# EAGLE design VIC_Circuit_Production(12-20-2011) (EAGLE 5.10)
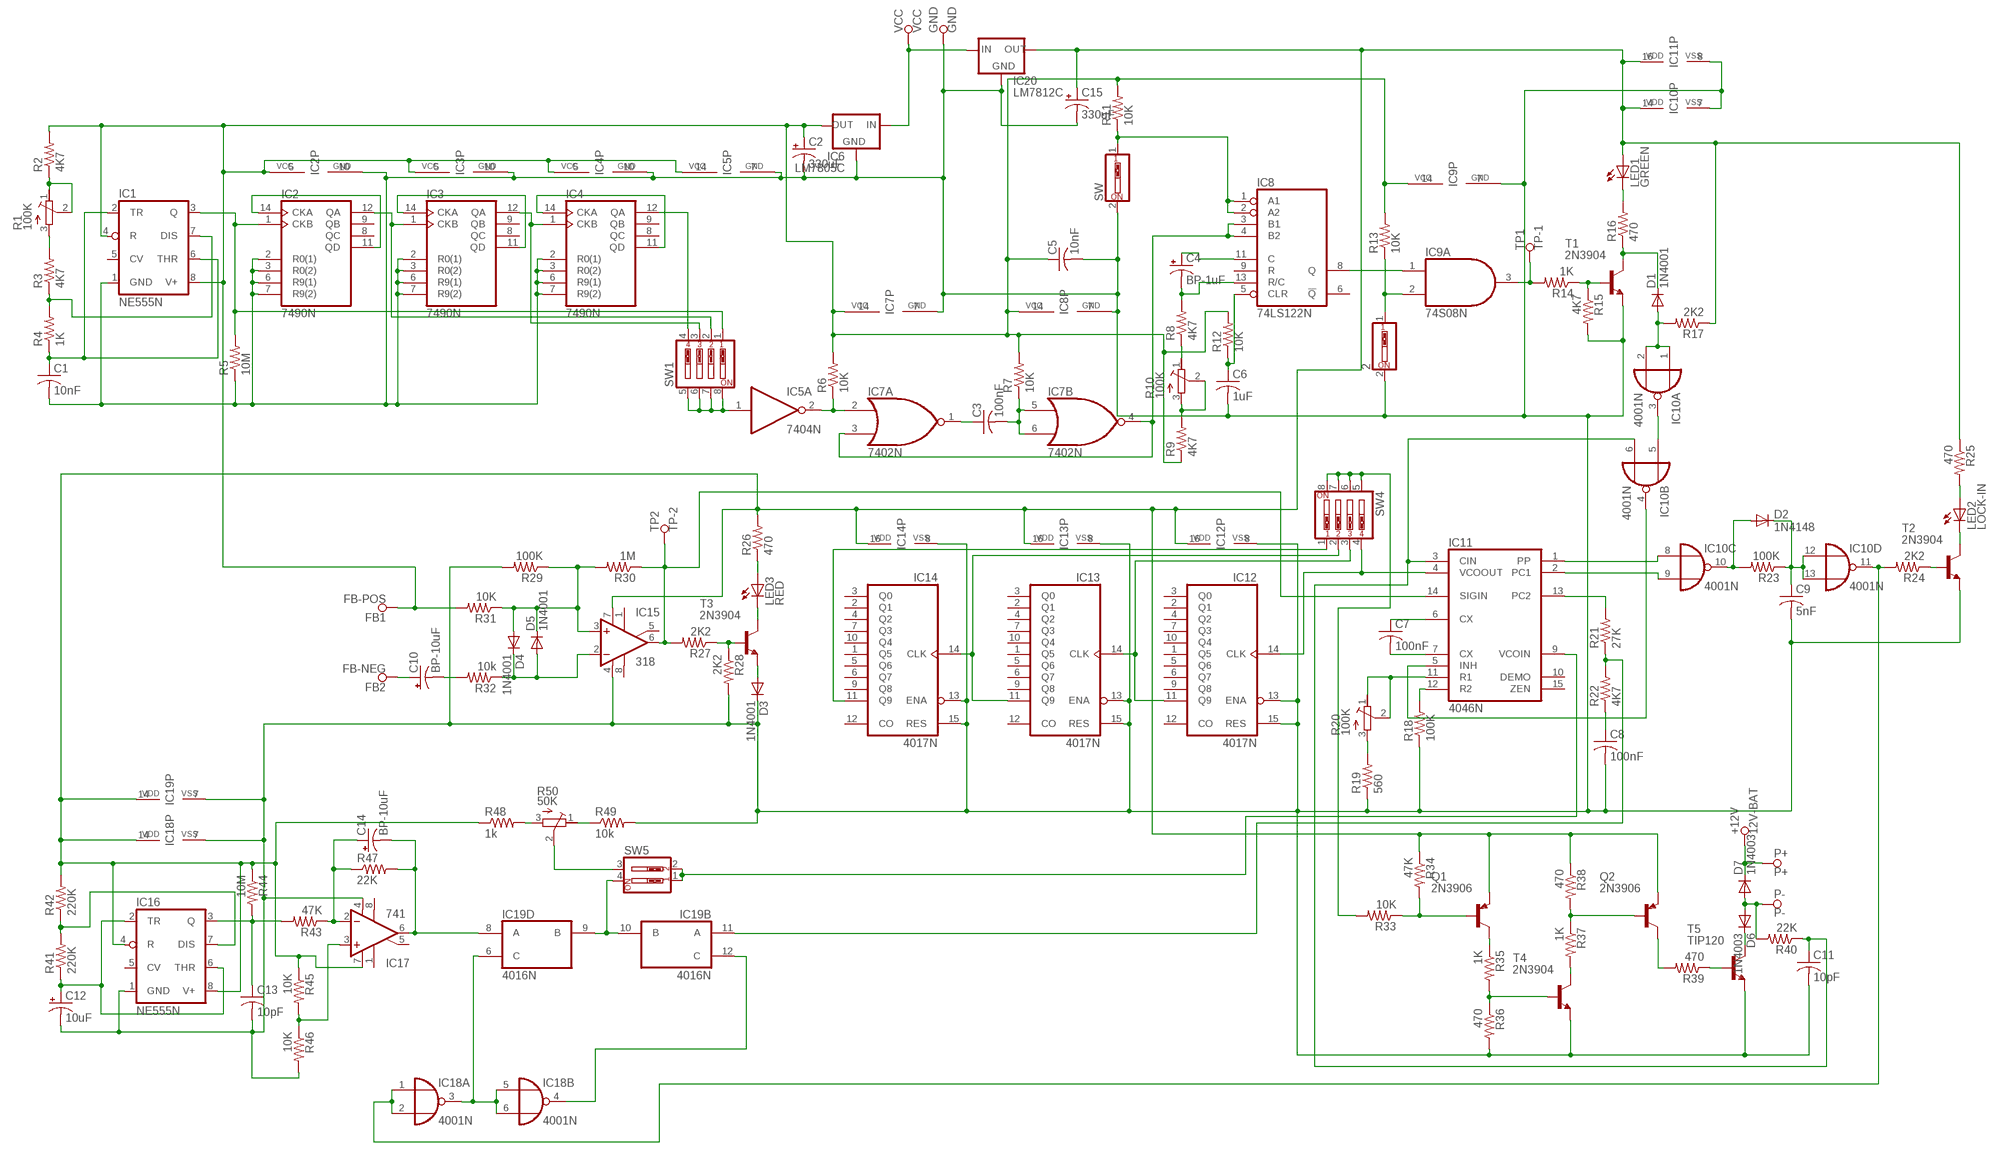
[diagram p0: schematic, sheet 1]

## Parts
2  SW_DIP-1  [EDG-01]
+12V  12V-BAT  SPECIAL_DRILL_0.1250  [PAD_0.1250]
C1  10nF  C-US050-024X044  [C050-024X044]
C2  330uF  CPOL-USE5-10.5  [E5-10,5]
C3  100nF  C-US050-024X044  [C050-024X044]
C4  BP-1uF  CPOL-USE2.5-6  [E2,5-6]
C5  10nF  C-US050-024X044  [C050-024X044]
C6  1uF  C-US050-024X044  [C050-024X044]
C7  100nF  C-US050-024X044  [C050-024X044]
C8  100nF  C-US050-024X044  [C050-024X044]
C9  5nF  C-US050-024X044  [C050-024X044]
C10  BP-10uF  CPOL-USE22-6AXIAL  [E22-6]
C11  10pF  C-US050-024X044  [C050-024X044]
C12  10uF  CPOL-USE2.5-6  [E2,5-6]
C13  10pF  C-US050-024X044  [C050-024X044]
C14  BP-10uF  CPOL-USE22-6AXIAL  [E22-6]
C15  330uF  CPOL-USE5-10.5  [E5-10,5]
D1  1N4001  1N4004  [DO41-10]
D2  1N4148  1N4004  [DO41-10]
D3  1N4001  1N4004  [DO41-10]
D4  1N4001  1N4004  [DO41-10]
D5  1N4001  1N4004  [DO41-10]
D6  1N4003  1N5060GP  [DO15-12]
D7  1N4003  1N4004  [DO41-10]
FB1  FB-POS  SPECIAL_DRILL_0.1250  [PAD_0.1250]
FB2  FB-NEG  SPECIAL_DRILL_0.1250  [PAD_0.1250]
GND  GND  SPECIAL_DRILL_0.1250  [PAD_0.1250]
IC1  NE555N  [DIL08]
IC2  7490N  [DIL14]
IC3  7490N  [DIL14]
IC4  7490N  [DIL14]
IC5  7404N  [DIL14]
IC6  LM7805C  78XXS  [78XXS]
IC7  7402N  [DIL14]
IC8  74LS122N  [DIL14]
IC9  74S08N  [DIL14]
IC10  4001N  [DIL14]
IC11  4046N  [DIL16]
IC12  4017N  [DIL16]
IC13  4017N  [DIL16]
IC14  4017N  [DIL16]
IC15  318  LM741P  [DIL08]
IC16  NE555N  [DIL08]
IC17  741  LM741P  [DIL08]
IC18  4001N  [DIL14]
IC19  4016N  [DIL14]
IC20  LM7812C  78XXS  [78XXS]
LED1  GREEN  LED5MM  [LED5MM]
LED2  LOCK-IN  LED5MM  [LED5MM]
LED3  RED  LED5MM  [LED5MM]
P+  P+  SPECIAL_DRILL_0.1250  [PAD_0.1250]
P-  P-  SPECIAL_DRILL_0.1250  [PAD_0.1250]
Q1  2N3906  [TO92]
Q2  2N3906  [TO92]
R1  100K  R-TRIMMT93YA  [RTRIMT93YA]
R2  4K7  R-US_0207/10  [0207/10]
R3  4K7  R-US_0207/10  [0207/10]
R4  1K  R-US_0207/10  [0207/10]
R5  10M  R-US_0207/10  [0207/10]
R6  10K  R-US_0207/10  [0207/10]
R7  10K  R-US_0207/10  [0207/10]
R8  4K7  R-US_0207/10  [0207/10]
R9  4K7  R-US_0207/10  [0207/10]
R10  100K  R-TRIMMT93YA  [RTRIMT93YA]
R11  10K  R-US_0207/10  [0207/10]
R12  10K  R-US_0207/10  [0207/10]
R13  10K  R-US_0207/10  [0207/10]
R14  1K  R-US_0207/10  [0207/10]
R15  4K7  R-US_0207/10  [0207/10]
R16  470  R-US_0207/10  [0207/10]
R17  2K2  R-US_0207/10  [0207/10]
R18  100K  R-US_0207/10  [0207/10]
R19  560  R-US_0207/10  [0207/10]
R20  100K  R-TRIMMT93YA  [RTRIMT93YA]
R21  27K  R-US_0207/10  [0207/10]
R22  4K7  R-US_0207/10  [0207/10]
R23  100K  R-US_0207/10  [0207/10]
R24  2K2  R-US_0207/10  [0207/10]
R25  470  R-US_0207/10  [0207/10]
R26  470  R-US_0207/10  [0207/10]
R27  2K2  R-US_0207/10  [0207/10]
R28  2K2  R-US_0207/10  [0207/10]
R29  100K  R-US_0207/10  [0207/10]
R30  1M  R-US_0207/10  [0207/10]
R31  10K  R-US_0207/10  [0207/10]
R32  10k  R-US_0207/10  [0207/10]
R33  10K  R-US_0207/10  [0207/10]
R34  47K  R-US_0207/10  [0207/10]
R35  1K  R-US_0207/10  [0207/10]
R36  470  R-US_0207/10  [0207/10]
R37  1K  R-US_0207/10  [0207/10]
R38  470  R-US_0207/10  [0207/10]
R39  470  R-US_0207/10  [0207/10]
R40  22K  R-US_0207/10  [0207/10]
R41  220K  R-US_0207/10  [0207/10]
R42  220K  R-US_0207/10  [0207/10]
R43  47K  R-US_0207/10  [0207/10]
R44  10M  R-US_0207/10  [0207/10]
R45  10K  R-US_0207/10  [0207/10]
R46  10K  R-US_0207/10  [0207/10]
R47  22K  R-US_0207/10  [0207/10]
R48  1k  R-US_0207/10  [0207/10]
R49  10k  R-US_0207/10  [0207/10]
R50  50K  R-TRIMMT93YA  [RTRIMT93YA]
SW  SW_DIP-1  [EDG-01]
SW1  SW_DIP-4  [EDG-04]
SW4  SW_DIP-4  [EDG-04]
SW5  SW_DIP-2  [EDG-02]
T1  2N3904  [TO92]
T2  2N3904  [TO92]
T3  2N3904  [TO92]
T4  2N3904  [TO92]
T5  TIP120  -NPN-TO220V  [TO220V]
TP1  TP-1  SPECIAL_DRILL_0.1000  [PAD_0.1000]
TP2  TP-2  SPECIAL_DRILL_0.1000  [PAD_0.1000]
VCC  VCC  SPECIAL_DRILL_0.1250  [PAD_0.1250]

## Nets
N$1: IC5.1(A:I) SW1.5 SW1.6 SW1.7 SW1.8
N$2: R1.3(E) R3.2
N$3: IC1.7(DIS) R3.1 R4.2
N$4: IC4.12(QA) SW1.4
N$5: C1.1 IC1.2(TR) IC1.6(THR) R4.1
N$6: IC16.7(DIS) R41.2 R42.1
N$7: C15.+ IC10.14(P:VDD) IC11.16(VDD) IC12.16(VDD) IC13.16(VDD) IC14.16(VDD) IC15.7(V+) IC16.4(R) IC16.8(V+) IC17.7(V+) IC18.14(P:VDD) IC19.14(P:VDD) IC20.OUT LED1.A Q1.3(E) Q2.3(E) R17.1 R25.1 R26.2 R34.1 R38.1 R42.2 R44.1 R45.1 R48.1
N$8: 2.2 C1.2 C2.- C5.2 C6.2 C8.2 C9.2 C11.2 C12.- C13.2 C15.- D3.C GND.1 IC1.1(GND) IC2.2(R0(1)) IC2.3(R0(2)) IC2.6(R9(1)) IC2.7(R9(2)) IC2.10(GND) IC3.2(R0(1)) IC3.3(R0(2)) IC3.6(R9(1)) IC3.7(R9(2)) IC3.10(GND) IC4.2(R0(1)) IC4.3(R0(2)) IC4.6(R9(1)) IC4.7(R9(2)) IC4.10(GND) IC5.7(P:GND) IC6.GND IC7.7(P:GND) IC8.7(GND) IC9.7(P:GND) IC10.7(P:VSS) IC11.8(VSS) IC12.8(VSS) IC12.13(ENA) IC12.15(RES) IC13.8(VSS) IC13.13(ENA) IC13.15(RES) IC14.8(VSS) IC14.13(ENA) IC14.15(RES) IC15.4(V-) IC16.1(GND) IC17.4(V-) IC18.7(P:VSS) IC19.7(P:VSS) IC20.GND R5.1 R15.2 R18.1 R19.1 R28.2 R29.2 R36.2 R46.2 R49.2 SW.2 T1.3(E) T2.3(E) T4.3(E) T5.3(E)
N$9: R1.1(A) R1.2(S) R2.1
N$10: IC5.2(A:O) IC7.2(A:I0) R6.1
N$11: IC3.12(QA) IC4.1(CKB) SW1.3
N$12: IC1.3(Q) IC2.1(CKB) R5.2 SW1.1
N$13: C3.2 IC7.5(B:I0) IC7.6(B:I1) R7.1
N$14: IC2.11(QD) IC2.14(CKA)
N$15: IC2.12(QA) IC3.1(CKB) SW1.2
N$16: C3.1 IC7.1(A:O)
N$17: IC3.11(QD) IC3.14(CKA)
N$18: C4.+ IC8.11(C)
N$19: IC7.3(A:I1) IC7.4(B:O) IC8.3(B1) IC8.4(B2)
N$20: IC4.11(QD) IC4.14(CKA)
N$21: R8.1 R10.1(A)
N$22: R9.2 R10.2(S) R10.3(E)
N$23: C4.- IC8.13(R/C) R8.2
N$24: C6.1 IC8.5(CLR) R12.1
N$25: C7.1 IC11.6(CX)
N$26: C7.2 IC11.7(CX)
N$27: IC8.1(A1) IC8.2(A2) R11.1 SW.1
N$28: 2.1 IC9.2(A:I1) R13.1
N$29: IC8.8(Q) IC9.1(A:I0)
N$30: D1.A IC10.1(A:I0) IC10.2(A:I1) R17.2
N$31: IC9.3(A:O) R14.2 TP1.1
N$32: R14.1 R15.1 T1.2(B)
N$33: IC10.3(A:O) IC10.5(B:I0)
N$34: IC11.12(R2) R18.2
N$35: LED1.K(C) R16.2
N$36: D1.C R16.1 T1.1(C)
N$37: C12.+ IC16.2(TR) IC16.6(THR) R41.1
N$38: IC10.4(B:O) IC11.5(INH)
N$39: IC11.11(R1) R20.1(A) R20.2(S)
N$40: R19.2 R20.3(E)
N$41: Q2.2(B) R37.1 R38.2
N$42: IC10.8(C:I0) IC11.1(PP)
N$43: IC11.13(PC2) R21.2
N$44: IC19.11(B:A) R21.1 R22.2
N$45: C8.1 R22.1
N$46: IC10.9(C:I1) IC11.2(PC1)
N$47: D2.A IC10.10(C:O) R23.2
N$48: C9.1 D2.C IC10.12(D:I0) IC10.13(D:I1) R23.1
N$49: IC10.11(D:O) IC18.1(A:I0) IC18.2(A:I1) R24.2
N$50: R24.1 T2.2(B)
N$51: LED2.K(C) T2.1(C)
N$52: LED2.A R25.2
N$53: R37.2 T4.1(C)
N$54: Q1.2(B) R33.1 R34.2
N$55: IC11.4(VCOOUT) IC12.14(CLK) SW4.4
N$56: IC12.11(Q9) IC13.14(CLK) SW4.3
N$57: IC13.11(Q9) IC14.14(CLK) SW4.2
N$58: R33.2 SW4.5 SW4.6 SW4.7 SW4.8
N$59: R35.2 R36.1 T4.2(B)
N$60: IC18.4(B:O) IC19.12(B:C)
N$61: Q2.1(C) R39.2
N$62: R39.1 T5.1(B)
N$63: IC6.IN IC20.IN VCC.1
N$64: IC14.11(Q9) SW4.1
N$65: C10.+ FB2.1
N$66: D6.C T5.2(C)
N$67: IC11.14(SIGIN) IC15.6(OUT) R27.2 R30.1 TP2.1
N$68: R27.1 R28.1 T3.2(B)
N$69: D3.A T3.3(E)
N$70: LED3.K(C) T3.1(C)
N$71: LED3.A R26.1
N$72: D6.A D7.A P-.1 R40.2
N$73: C11.1 IC10.6(B:I1) IC11.3(CIN) R40.1
N$74: C10.- R32.2
N$75: +12V.1 D7.C P+.1
N$76: Q1.1(C) R35.1
N$77: D4.A D5.C IC15.3(+IN) R29.1 R30.2 R31.1
N$78: D4.C D5.A IC15.2(-IN) R32.1
N$81: C2.+ C5.1 FB1.1 IC1.4(R) IC1.8(V+) IC2.5(VCC) IC3.5(VCC) IC4.5(VCC) IC5.14(P:VCC) IC6.OUT IC7.14(P:VCC) IC8.14(VCC) IC9.14(P:VCC) R2.2 R6.2 R7.2 R9.1 R11.2 R12.2 R13.2 R31.2
N$84: C13.1 IC16.3(Q) R43.2 R44.2
N$86: C14.+ IC17.2(-IN) R43.1 R47.1
N$87: C14.- IC17.6(OUT) IC19.8(D:A) R47.2
N$89: IC17.3(+IN) R45.2 R46.1
N$94: IC18.3(A:O) IC18.5(B:I0) IC18.6(B:I1) IC19.6(D:C)
N$95: IC19.9(D:B) IC19.10(B:B) SW5.4
N$97: IC11.9(VCOIN) SW5.1 SW5.2
N$98: R48.2 R50.3(E)
N$99: R49.1 R50.1(A)
N$100: R50.2(S) SW5.3
Unconnected: IC1.5(CV) IC2.8(QC) IC2.9(QB) IC3.8(QC) IC3.9(QB) IC4.8(QC) IC4.9(QB) IC5.3(B:I) IC5.4(B:O) IC5.5(C:I) IC5.6(C:O) IC5.8(D:O) IC5.9(D:I) IC5.10(E:O) IC5.11(E:I) IC5.12(F:O) IC5.13(F:I) IC7.8(C:I0) IC7.9(C:I1) IC7.10(C:O) IC7.11(D:I0) IC7.12(D:I1) IC7.13(D:O) IC8.6(!Q) IC8.9(R) IC9.4(B:I0) IC9.5(B:I1) IC9.6(B:O) IC9.8(C:O) IC9.9(C:I0) IC9.10(C:I1) IC9.11(D:O) IC9.12(D:I0) IC9.13(D:I1) IC11.10(DEMO) IC11.15(ZEN) IC12.1(Q5) IC12.2(Q1) IC12.3(Q0) IC12.4(Q2) IC12.5(Q6) IC12.6(Q7) IC12.7(Q3) IC12.9(Q8) IC12.10(Q4) IC12.12(CO) IC13.1(Q5) IC13.2(Q1) IC13.3(Q0) IC13.4(Q2) IC13.5(Q6) IC13.6(Q7) IC13.7(Q3) IC13.9(Q8) IC13.10(Q4) IC13.12(CO) IC14.1(Q5) IC14.2(Q1) IC14.3(Q0) IC14.4(Q2) IC14.5(Q6) IC14.6(Q7) IC14.7(Q3) IC14.9(Q8) IC14.10(Q4) IC14.12(CO) IC15.1(ON1) IC15.5(ON2) IC15.8(OPT) IC16.5(CV) IC17.1(ON1) IC17.5(ON2) IC17.8(OPT) IC18.8(C:I0) IC18.9(C:I1) IC18.10(C:O) IC18.11(D:O) IC18.12(D:I0) IC18.13(D:I1) IC19.1(A:A) IC19.2(A:B) IC19.3(C:B) IC19.4(C:A) IC19.5(C:C) IC19.13(A:C)

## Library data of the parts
2 SW = special:SW_DIP-1: DIP SWITCH
+12V FB1 FB2 GND P+ P- TP1 TP2 VCC = special-drill:SPECIAL_DRILL_: Special drills
C1 C3 C5-C9 C11 C13 = rcl:C-US: CAPACITOR, American symbol
C2 C4 C10 C12 C14 C15 = resistor:CPOL-US: POLARIZED CAPACITOR, American symbol
D1-D5 D7 = diode:1N4004: DIODE
D6 = diode:1N5060GP: DIODE
IC1 IC16 = linear:*555: TIMER
IC2-IC4 = 74xx-us:74*90: Decade, divide by twelve and binary COUNTER
IC5 = 74xx-us:74*04: Hex INVERTER
IC6 IC20 = v-reg:78XXS: VOLTAGE REGULATOR
IC7 = 74xx-us:74*02: Quad 2-input NOR gate
IC8 = 74xx-us:74*122: Retriggerable monostable MULTIVIBRATOR
IC9 = 74xx-us:74*08: Quad 2-input AND gate
IC10 IC18 = 40xx:4001: Quad 2-input NOR
IC11 = 40xx:4046: Micropower PLL
IC12-IC14 = 40xx:4017: COUNTER/DIVIDER
IC15 IC17 = linear:*741: OP AMP
IC19 = 40xx:4016: Quad bilateral ANALOG SWITCH
LED1-LED3 = led:LED: LED
Q1 Q2 = transistor-pnp:2N3906: PNP Transistor
R1 R10 R20 R50 = rcl:R-TRIMM: Trimm resistor
R2-R9 R11-R19 R21-R49 = resistor:R-US_: RESISTOR, American symbol
SW1 SW4 = special:SW_DIP-4: DIP SWITCH
SW5 = special:SW_DIP-2: DIP SWITCH
T1-T4 = transistor:2N3904: NPN TRANSISTOR
T5 = transistor:*-NPN-: NPN Transistror BF959 corrected 2008.03.06

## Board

Task requirements: Report every line of the entries that carries the word "symbol".

Finished exercise:
C1 C3 C5-C9 C11 C13 = rcl:C-US: CAPACITOR, American symbol
C2 C4 C10 C12 C14 C15 = resistor:CPOL-US: POLARIZED CAPACITOR, American symbol
R2-R9 R11-R19 R21-R49 = resistor:R-US_: RESISTOR, American symbol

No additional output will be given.